Treasuries Rise as Powell Signals Taper on Course for This Year

Treasuries gained and the yield curve steepened as Federal Reserve Chair Jerome Powell continued to underscore risks to the economy even as he signaled that the central bank could begin paring its monthly bond purchases this year.

Powell also emphasized Friday at the Kansas Fed’s virtual Jackson Hole symposium that pulling back on bond buying wouldn’t necessarily mean interest-rate hikes would follow immediately.

Ten-year yields fell almost 3 basis points to about 1.32% and the yield curve reversed an early-session move that sent it to the flattest level in a year. The Fed chair’s long-awaited remarks kept intact the message traders already garnered from past comments by Powell and from the minutes of the central bank’s last policy meeting, in July -- that most officials judged that it probably would be appropriate to begin paring the buying in 2021, even as the delta variant of the coronavirus spreads.

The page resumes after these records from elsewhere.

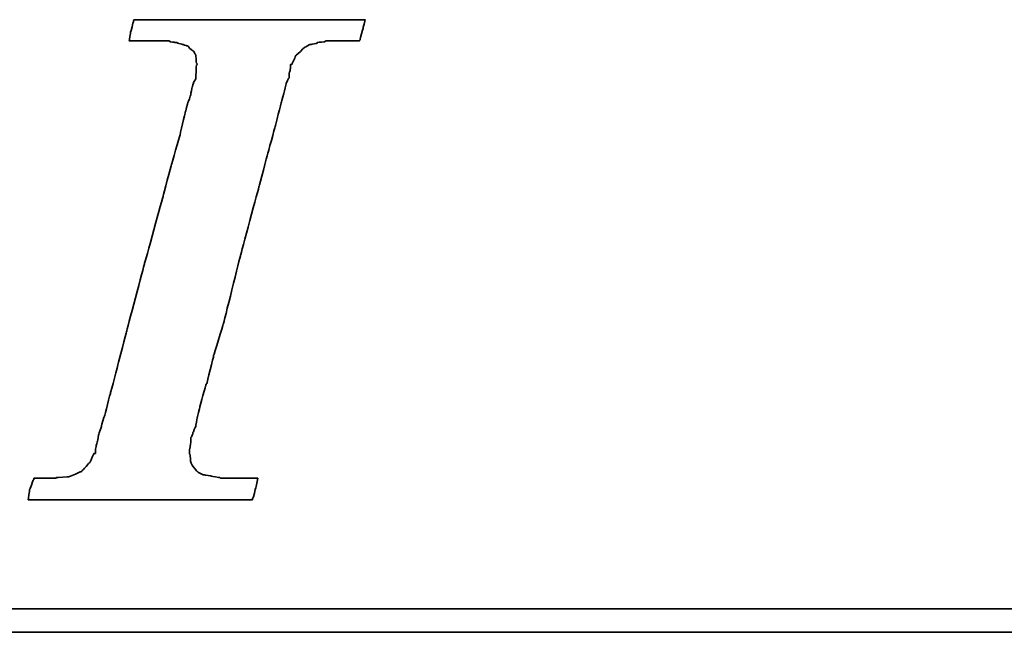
# Model space of a CAD drawing. Header units: millimetres. Extents: x -18 to 587, y -97 to 102.
# Tile 23 of 42: x 436.63 to 445.54, y -44.25 to -38.7. Entities that reach past the tile are written whole.
import ezdxf

# ---------------------------------------------------------------- set-up
doc = ezdxf.new("R2010")
doc.units = ezdxf.units.MM
doc.header["$LTSCALE"] = 0.15
doc.layers.add('DIM', color=4, linetype='CONTINUOUS')
doc.layers.add('layer 1', color=7, linetype='CONTINUOUS')

# ---------------------------------------------------------------- blocks, each defined once
blk = doc.blocks.new('TBI MOTION logo(完整正式版)')
at = {"layer": 'layer 1', "color": 22, "lineweight": 35}
for points, knots in [([(-40.59125, -7.94375), (-40.59125, -7.94375), (-40.97375, -7.94375), (-40.97375, -7.94375), (-40.97375, -7.94375), (-40.97375, -7.94375), (-41.38125, -7.94375), (-41.38125, -7.94375), (-41.38125, -7.94375), (-41.38125, -7.94375), (-41.54875, -7.94375), (-41.54875, -7.94375), (-41.54875, -7.94375), (-41.54875, -7.94375), (-41.59875, -7.94375), (-41.59875, -7.94375), (-41.59875, -7.94375), (-41.59875, -7.94375), (-41.88375, -7.94375), (-41.88375, -7.94375), (-41.88375, -7.94375), (-41.88375, -7.94375), (-41.90875, -7.91875), (-41.90875, -7.91875), (-41.90875, -7.91875), (-41.90875, -7.91875), (-42.19875, -7.87125), (-42.19875, -7.87125), (-42.19875, -7.87125), (-42.19875, -7.87125), (-42.43875, -7.82375), (-42.43875, -7.82375), (-42.43875, -7.82375), (-42.43875, -7.82375), (-42.45875, -7.82375), (-42.45875, -7.82375), (-42.45875, -7.82375), (-42.45875, -7.82375), (-42.48625, -7.82375), (-42.48625, -7.82375), (-42.48625, -7.82375), (-42.48625, -7.82375), (-42.67625, -7.72375), (-42.67625, -7.72375), (-42.67625, -7.72375), (-42.67625, -7.72375), (-42.70125, -7.70375), (-42.70125, -7.70375), (-42.70125, -7.70375), (-42.70125, -7.70375), (-42.72375, -7.67875), (-42.72375, -7.67875), (-42.72375, -7.67875), (-42.72375, -7.67875), (-42.86875, -7.48875), (-42.86875, -7.48875), (-42.86875, -7.48875), (-42.86875, -7.48875), (-42.89375, -7.43875), (-42.89375, -7.43875), (-42.89375, -7.43875), (-42.89375, -7.43875), (-42.91875, -7.38875), (-42.91875, -7.38875), (-42.91875, -7.38875), (-42.91875, -7.38875), (-42.93875, -7.12875), (-42.93875, -7.12875), (-42.93875, -7.12875), (-42.93875, -7.12875), (-42.96375, -7.10375), (-42.96375, -7.10375), (-42.96375, -7.10375), (-42.96375, -7.10375), (-42.96375, -7.05375), (-42.96375, -7.05375), (-42.96375, -7.05375), (-42.96375, -7.05375), (-42.96375, -7.00875), (-42.96375, -7.00875), (-42.96375, -7.00875), (-42.96375, -7.00875), (-42.91875, -6.69625), (-42.91875, -6.69625), (-42.91875, -6.69625), (-42.91875, -6.69625), (-42.91875, -6.62375), (-42.91875, -6.62375), (-42.91875, -6.62375), (-42.91875, -6.62375), (-42.91875, -6.59625), (-42.91875, -6.59625), (-42.91875, -6.59625), (-42.91875, -6.59625), (-42.91875, -6.57375), (-42.91875, -6.57375), (-42.91875, -6.57375), (-42.91875, -6.57375), (-42.91875, -6.52875), (-42.91875, -6.52875), (-42.91875, -6.52875), (-42.91875, -6.52875), (-42.89375, -6.50375), (-42.89375, -6.50375), (-42.89375, -6.50375), (-42.89375, -6.50375), (-42.84375, -6.38375), (-42.84375, -6.38375), (-42.84375, -6.38375), (-42.84375, -6.38375), (-42.84375, -6.35875), (-42.84375, -6.35875), (-42.84375, -6.35875), (-42.84375, -6.35875), (-42.74625, -6.14375), (-42.74625, -6.14375), (-42.74625, -6.14375), (-42.74625, -6.14375), (-42.70125, -5.85375), (-42.70125, -5.85375), (-42.70125, -5.85375), (-42.70125, -5.85375), (-42.60375, -5.47125), (-42.60375, -5.47125), (-42.60375, -5.47125), (-42.60375, -5.47125), (-42.60375, -5.44875), (-42.60375, -5.44875), (-42.60375, -5.44875), (-42.60375, -5.44875), (-42.38875, -4.67875), (-42.38875, -4.67875), (-42.38875, -4.67875), (-42.38875, -4.67875), (-42.36375, -4.65375), (-42.36375, -4.65375), (-42.36375, -4.65375), (-42.36375, -4.65375), (-42.12375, -3.69625), (-42.12375, -3.69625), (-42.12375, -3.69625), (-42.12375, -3.69625), (-42.12375, -3.67374), (-42.12375, -3.67374), (-42.12375, -3.67374), (-42.12375, -3.67374), (-41.78875, -2.59374), (-41.78875, -2.59374), (-41.78875, -2.59374), (-41.78875, -2.59374), (-41.18875, -0.19375), (-41.18875, -0.19375), (-41.18875, -0.19375), (-41.18875, -0.19375), (-40.54375, 2.20624), (-40.54375, 2.20624), (-40.54375, 2.20624), (-40.54375, 2.20624), (-40.25375, 3.30875), (-40.25375, 3.30875), (-40.25375, 3.30875), (-40.25375, 3.30875), (-39.98875, 4.27125), (-39.98875, 4.27125), (-39.98875, 4.27125), (-39.98875, 4.27125), (-39.77375, 5.13125), (-39.77375, 5.13125), (-39.77375, 5.13125), (-39.77375, 5.13125), (-39.67875, 5.47125), (-39.67875, 5.47125), (-39.67875, 5.47125), (-39.67875, 5.47125), (-39.60375, 5.75625), (-39.60375, 5.75625), (-39.60375, 5.75625), (-39.60375, 5.75625), (-39.60375, 5.78125), (-39.60375, 5.78125), (-39.60375, 5.78125), (-39.60375, 5.78125), (-39.50875, 5.97125), (-39.50875, 5.97125), (-39.50875, 5.97125), (-39.50875, 5.97125), (-39.50875, 6.13875), (-39.50875, 6.13875), (-39.50875, 6.13875), (-39.50875, 6.13875), (-39.48625, 6.16625), (-39.48625, 6.16625), (-39.48625, 6.16625), (-39.48625, 6.16625), (-39.46125, 6.28625), (-39.46125, 6.28625), (-39.46125, 6.28625), (-39.46125, 6.28625), (-39.46125, 6.42625), (-39.46125, 6.42625), (-39.46125, 6.42625), (-39.46125, 6.42625), (-39.41375, 6.42625), (-39.41375, 6.42625), (-39.41375, 6.42625), (-39.41375, 6.42625), (-39.29375, 6.69125), (-39.29375, 6.69125), (-39.29375, 6.69125), (-39.29375, 6.69125), (-39.26875, 6.74125), (-39.26875, 6.74125), (-39.26875, 6.74125), (-39.26875, 6.74125), (-39.24375, 6.76625), (-39.24375, 6.76625), (-39.24375, 6.76625), (-39.24375, 6.76625), (-38.98375, 7.00624), (-38.98375, 7.00624), (-38.98375, 7.00624), (-38.98375, 7.00624), (-38.95625, 7.02624), (-38.95625, 7.02624), (-38.95625, 7.02624), (-38.95625, 7.02624), (-38.78875, 7.12624), (-38.78875, 7.12624), (-38.78875, 7.12624), (-38.78875, 7.12624), (-38.76375, 7.12624), (-38.76375, 7.12624), (-38.76375, 7.12624), (-38.76375, 7.12624), (-38.74375, 7.12624), (-38.74375, 7.12624), (-38.74375, 7.12624), (-38.74375, 7.12624), (-38.52875, 7.17125), (-38.52875, 7.17125), (-38.52875, 7.17125), (-38.52875, 7.17125), (-38.52875, 7.19624), (-38.52875, 7.19624), (-38.52875, 7.19624), (-38.52875, 7.19624), (-38.50375, 7.19624), (-38.50375, 7.19624), (-38.50375, 7.19624), (-38.50375, 7.19624), (-38.26125, 7.21875), (-38.26125, 7.21875), (-38.26125, 7.21875), (-38.26125, 7.21875), (-38.23875, 7.24624), (-38.23875, 7.24624), (-38.23875, 7.24624), (-38.23875, 7.24624), (-38.21625, 7.24624), (-38.21625, 7.24624), (-38.21625, 7.24624), (-38.21625, 7.24624), (-38.18875, 7.24624), (-38.18875, 7.24624), (-38.18875, 7.24624), (-38.18875, 7.24624), (-37.90375, 7.24624), (-37.90375, 7.24624), (-37.90375, 7.24624), (-37.90375, 7.24624), (-37.85375, 7.24624), (-37.85375, 7.24624), (-37.85375, 7.24624), (-37.85375, 7.24624), (-37.75875, 7.24624), (-37.75875, 7.24624), (-37.75875, 7.24624), (-37.75875, 7.24624), (-37.42375, 7.24624), (-37.42375, 7.24624), (-37.42375, 7.24624), (-37.42375, 7.24624), (-37.08875, 7.24624), (-37.08875, 7.24624), (-37.08875, 7.24624), (-37.08875, 7.24624), (-37.06375, 7.24624), (-37.06375, 7.24624), (-37.06375, 7.24624), (-37.06375, 7.24624), (-37.06375, 7.26624), (-37.06375, 7.26624), (-37.06375, 7.26624), (-37.06375, 7.26624), (-37.03875, 7.29125), (-37.03875, 7.29125), (-37.03875, 7.29125), (-37.03875, 7.29125), (-37.03875, 7.31625), (-37.03875, 7.31625), (-37.03875, 7.31625), (-37.03875, 7.31625), (-36.94125, 7.67625), (-36.94125, 7.67625), (-36.94125, 7.67625), (-36.94125, 7.67625), (-36.86875, 7.98625), (-36.86875, 7.98625), (-36.86875, 7.98625), (-36.86875, 7.98625), (-36.98875, 7.98625), (-36.98875, 7.98625), (-36.98875, 7.98625), (-36.98875, 7.98625), (-37.42375, 7.98625), (-37.42375, 7.98625), (-37.42375, 7.98625), (-37.42375, 7.98625), (-37.94875, 7.98625), (-37.94875, 7.98625), (-37.94875, 7.98625), (-37.94875, 7.98625), (-38.57375, 7.98625), (-38.57375, 7.98625), (-38.57375, 7.98625), (-38.57375, 7.98625), (-39.29375, 7.98625), (-39.29375, 7.98625), (-39.29375, 7.98625), (-39.29375, 7.98625), (-40.82875, 7.98625), (-40.82875, 7.98625), (-40.82875, 7.98625), (-40.82875, 7.98625), (-42.36375, 7.98625), (-42.36375, 7.98625), (-42.36375, 7.98625), (-42.36375, 7.98625), (-43.08375, 7.98625), (-43.08375, 7.98625), (-43.08375, 7.98625), (-43.08375, 7.98625), (-43.70875, 7.98625), (-43.70875, 7.98625), (-43.70875, 7.98625), (-43.70875, 7.98625), (-44.23375, 7.98625), (-44.23375, 7.98625), (-44.23375, 7.98625), (-44.23375, 7.98625), (-44.66875, 7.98625), (-44.66875, 7.98625), (-44.66875, 7.98625), (-44.66875, 7.98625), (-44.88375, 7.98625), (-44.88375, 7.98625), (-44.88375, 7.98625), (-44.88375, 7.98625), (-44.90875, 7.94125), (-44.90875, 7.94125), (-44.90875, 7.94125), (-44.90875, 7.94125), (-44.90875, 7.91625), (-44.90875, 7.91625), (-44.90875, 7.91625), (-44.90875, 7.91625), (-45.00375, 7.55625), (-45.00375, 7.55625), (-45.00375, 7.55625), (-45.00375, 7.55625), (-45.05375, 7.24624), (-45.05375, 7.24624), (-45.05375, 7.24624), (-45.05375, 7.24624), (-44.61875, 7.24624), (-44.61875, 7.24624), (-44.61875, 7.24624), (-44.61875, 7.24624), (-44.11375, 7.24624), (-44.11375, 7.24624), (-44.11375, 7.24624), (-44.11375, 7.24624), (-43.99375, 7.24624), (-43.99375, 7.24624), (-43.99375, 7.24624), (-43.99375, 7.24624), (-43.94625, 7.24624), (-43.94625, 7.24624), (-43.94625, 7.24624), (-43.94625, 7.24624), (-43.92374, 7.24624), (-43.92374, 7.24624), (-43.92374, 7.24624), (-43.92374, 7.24624), (-43.65875, 7.24624), (-43.65875, 7.24624), (-43.65875, 7.24624), (-43.65875, 7.24624), (-43.63875, 7.21875), (-43.63875, 7.21875), (-43.63875, 7.21875), (-43.63875, 7.21875), (-43.46875, 7.19624), (-43.46875, 7.19624), (-43.46875, 7.19624), (-43.46875, 7.19624), (-43.39875, 7.19624), (-43.39875, 7.19624), (-43.39875, 7.19624), (-43.39875, 7.19624), (-43.37125, 7.17125), (-43.37125, 7.17125), (-43.37125, 7.17125), (-43.37125, 7.17125), (-43.34875, 7.17125), (-43.34875, 7.17125), (-43.34875, 7.17125), (-43.34875, 7.17125), (-43.20375, 7.12624), (-43.20375, 7.12624), (-43.20375, 7.12624), (-43.20375, 7.12624), (-43.05875, 7.07624), (-43.05875, 7.07624), (-43.05875, 7.07624), (-43.05875, 7.07624), (-43.01375, 7.07624), (-43.01375, 7.07624), (-43.01375, 7.07624), (-43.01375, 7.07624), (-42.98875, 7.02624), (-42.98875, 7.02624), (-42.98875, 7.02624), (-42.98875, 7.02624), (-42.79875, 6.86125), (-42.79875, 6.86125), (-42.79875, 6.86125), (-42.79875, 6.86125), (-42.77375, 6.81125), (-42.77375, 6.81125), (-42.77375, 6.81125), (-42.77375, 6.81125), (-42.74625, 6.76625), (-42.74625, 6.76625), (-42.74625, 6.76625), (-42.74625, 6.76625), (-42.72375, 6.47625), (-42.72375, 6.47625), (-42.72375, 6.47625), (-42.72375, 6.47625), (-42.70125, 6.45124), (-42.70125, 6.45124), (-42.70125, 6.45124), (-42.70125, 6.45124), (-42.70125, 6.42625), (-42.70125, 6.42625), (-42.70125, 6.42625), (-42.70125, 6.42625), (-42.72375, 6.40625), (-42.72375, 6.40625), (-42.72375, 6.40625), (-42.72375, 6.40625), (-42.74625, 5.97125), (-42.74625, 5.97125), (-42.74625, 5.97125), (-42.74625, 5.97125), (-42.74625, 5.94625), (-42.74625, 5.94625), (-42.74625, 5.94625), (-42.74625, 5.94625), (-42.74625, 5.92625), (-42.74625, 5.92625), (-42.74625, 5.92625), (-42.74625, 5.92625), (-42.77375, 5.87625), (-42.77375, 5.87625), (-42.77375, 5.87625), (-42.77375, 5.87625), (-42.81875, 5.80625), (-42.81875, 5.80625), (-42.81875, 5.80625), (-42.81875, 5.80625), (-42.86875, 5.63625), (-42.86875, 5.63625), (-42.86875, 5.63625), (-42.86875, 5.63625), (-42.91875, 5.39625), (-42.91875, 5.39625), (-42.91875, 5.39625), (-42.91875, 5.39625), (-42.91875, 5.37124), (-42.91875, 5.37124), (-42.91875, 5.37124), (-42.91875, 5.37124), (-43.01375, 5.10874), (-43.01375, 5.10874), (-43.01375, 5.10874), (-43.01375, 5.10874), (-43.10875, 4.77124), (-43.10875, 4.77124), (-43.10875, 4.77124), (-43.10875, 4.77124), (-43.29875, 3.95625), (-43.29875, 3.95625), (-43.29875, 3.95625), (-43.29875, 3.95625), (-43.58875, 2.95125), (-43.58875, 2.95125), (-43.58875, 2.95125), (-43.58875, 2.95125), (-43.87375, 1.87125), (-43.87375, 1.87125), (-43.87375, 1.87125), (-43.87375, 1.87125), (-44.52625, -0.50374), (-44.52625, -0.50374), (-44.52625, -0.50374), (-44.52625, -0.50374), (-45.14875, -2.85375), (-45.14875, -2.85375), (-45.14875, -2.85375), (-45.14875, -2.85375), (-45.43375, -3.95875), (-45.43375, -3.95875), (-45.43375, -3.95875), (-45.43375, -3.95875), (-45.69875, -4.96875), (-45.69875, -4.96875), (-45.69875, -4.96875), (-45.69875, -4.96875), (-45.91375, -5.78375), (-45.91375, -5.78375), (-45.91375, -5.78375), (-45.91375, -5.78375), (-46.01375, -6.11875), (-46.01375, -6.11875), (-46.01375, -6.11875), (-46.01375, -6.11875), (-46.01375, -6.14375), (-46.01375, -6.14375), (-46.01375, -6.14375), (-46.01375, -6.14375), (-46.10875, -6.40875), (-46.10875, -6.40875), (-46.10875, -6.40875), (-46.10875, -6.40875), (-46.15375, -6.64875), (-46.15375, -6.64875), (-46.15375, -6.64875), (-46.15375, -6.64875), (-46.20375, -6.83875), (-46.20375, -6.83875), (-46.20375, -6.83875), (-46.20375, -6.83875), (-46.22875, -6.93375), (-46.22875, -6.93375), (-46.22875, -6.93375), (-46.22875, -6.93375), (-46.22875, -7.07875), (-46.22875, -7.07875), (-46.22875, -7.07875), (-46.22875, -7.07875), (-46.27375, -7.07875), (-46.27375, -7.07875), (-46.27375, -7.07875), (-46.27375, -7.07875), (-46.39375, -7.34375), (-46.39375, -7.34375), (-46.39375, -7.34375), (-46.39375, -7.34375), (-46.39375, -7.36875), (-46.39375, -7.36875), (-46.39375, -7.36875), (-46.39375, -7.36875), (-46.42125, -7.38875), (-46.42125, -7.38875), (-46.42125, -7.38875), (-46.42125, -7.38875), (-46.68375, -7.67875), (-46.68375, -7.67875), (-46.68375, -7.67875), (-46.68375, -7.67875), (-46.70875, -7.70375), (-46.70875, -7.70375), (-46.70875, -7.70375), (-46.70875, -7.70375), (-46.75375, -7.72375), (-46.75375, -7.72375), (-46.75375, -7.72375), (-46.75375, -7.72375), (-47.08875, -7.87125), (-47.08875, -7.87125), (-47.08875, -7.87125), (-47.08875, -7.87125), (-47.11625, -7.87125), (-47.11625, -7.87125), (-47.11625, -7.87125), (-47.11625, -7.87125), (-47.13875, -7.89375), (-47.13875, -7.89375), (-47.13875, -7.89375), (-47.13875, -7.89375), (-47.56875, -7.91875), (-47.56875, -7.91875), (-47.56875, -7.91875), (-47.56875, -7.91875), (-47.59625, -7.94375), (-47.59625, -7.94375), (-47.59625, -7.94375), (-47.59625, -7.94375), (-47.64375, -7.94375), (-47.64375, -7.94375), (-47.64375, -7.94375), (-47.64375, -7.94375), (-47.73625, -7.94375), (-47.73625, -7.94375), (-47.73625, -7.94375), (-47.73625, -7.94375), (-48.07375, -7.94375), (-48.07375, -7.94375), (-48.07375, -7.94375), (-48.07375, -7.94375), (-48.36125, -7.94375), (-48.36125, -7.94375), (-48.36125, -7.94375), (-48.36125, -7.94375), (-48.36125, -7.96625), (-48.36125, -7.96625), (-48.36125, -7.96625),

Treasury Curve Steepens as Powell Warily Talks Taper, Rate Hikes

“On net, tapering remains on track and the next question is when it will be appropriate to hike,” BMO Capital Markets strategist Ian Lyngen wrote in a note. “This will be data-dependent and implicitly a function of path out of the pandemic and toward the new normal.”

The Fed is currently buying $120 billion a month in bonds, part of emergency measures introduced last year to support the economy and help markets function smoothly.

Powell said in his remarks that the economy has now met the test of “substantial further progress” toward the Fed’s inflation objective that he and his colleagues said would be a precondition for tapering the bond purchases, while the labor market has also made “clear progress.” 

Money-market traders held steady Friday with pricing in the Fed’s liftoff from zero in the first quarter of 2023.

The yield curve, as measured by the gap between 5- to 30-year yields, was about 2 basis points steeper than Thursday’s closing levels, at about 111 basis points. The curve earlier Friday touched around 107 basis points amid comments from other Fed officials that were deemed on the hawkish side in terms of pushing for a quicker start to tapering.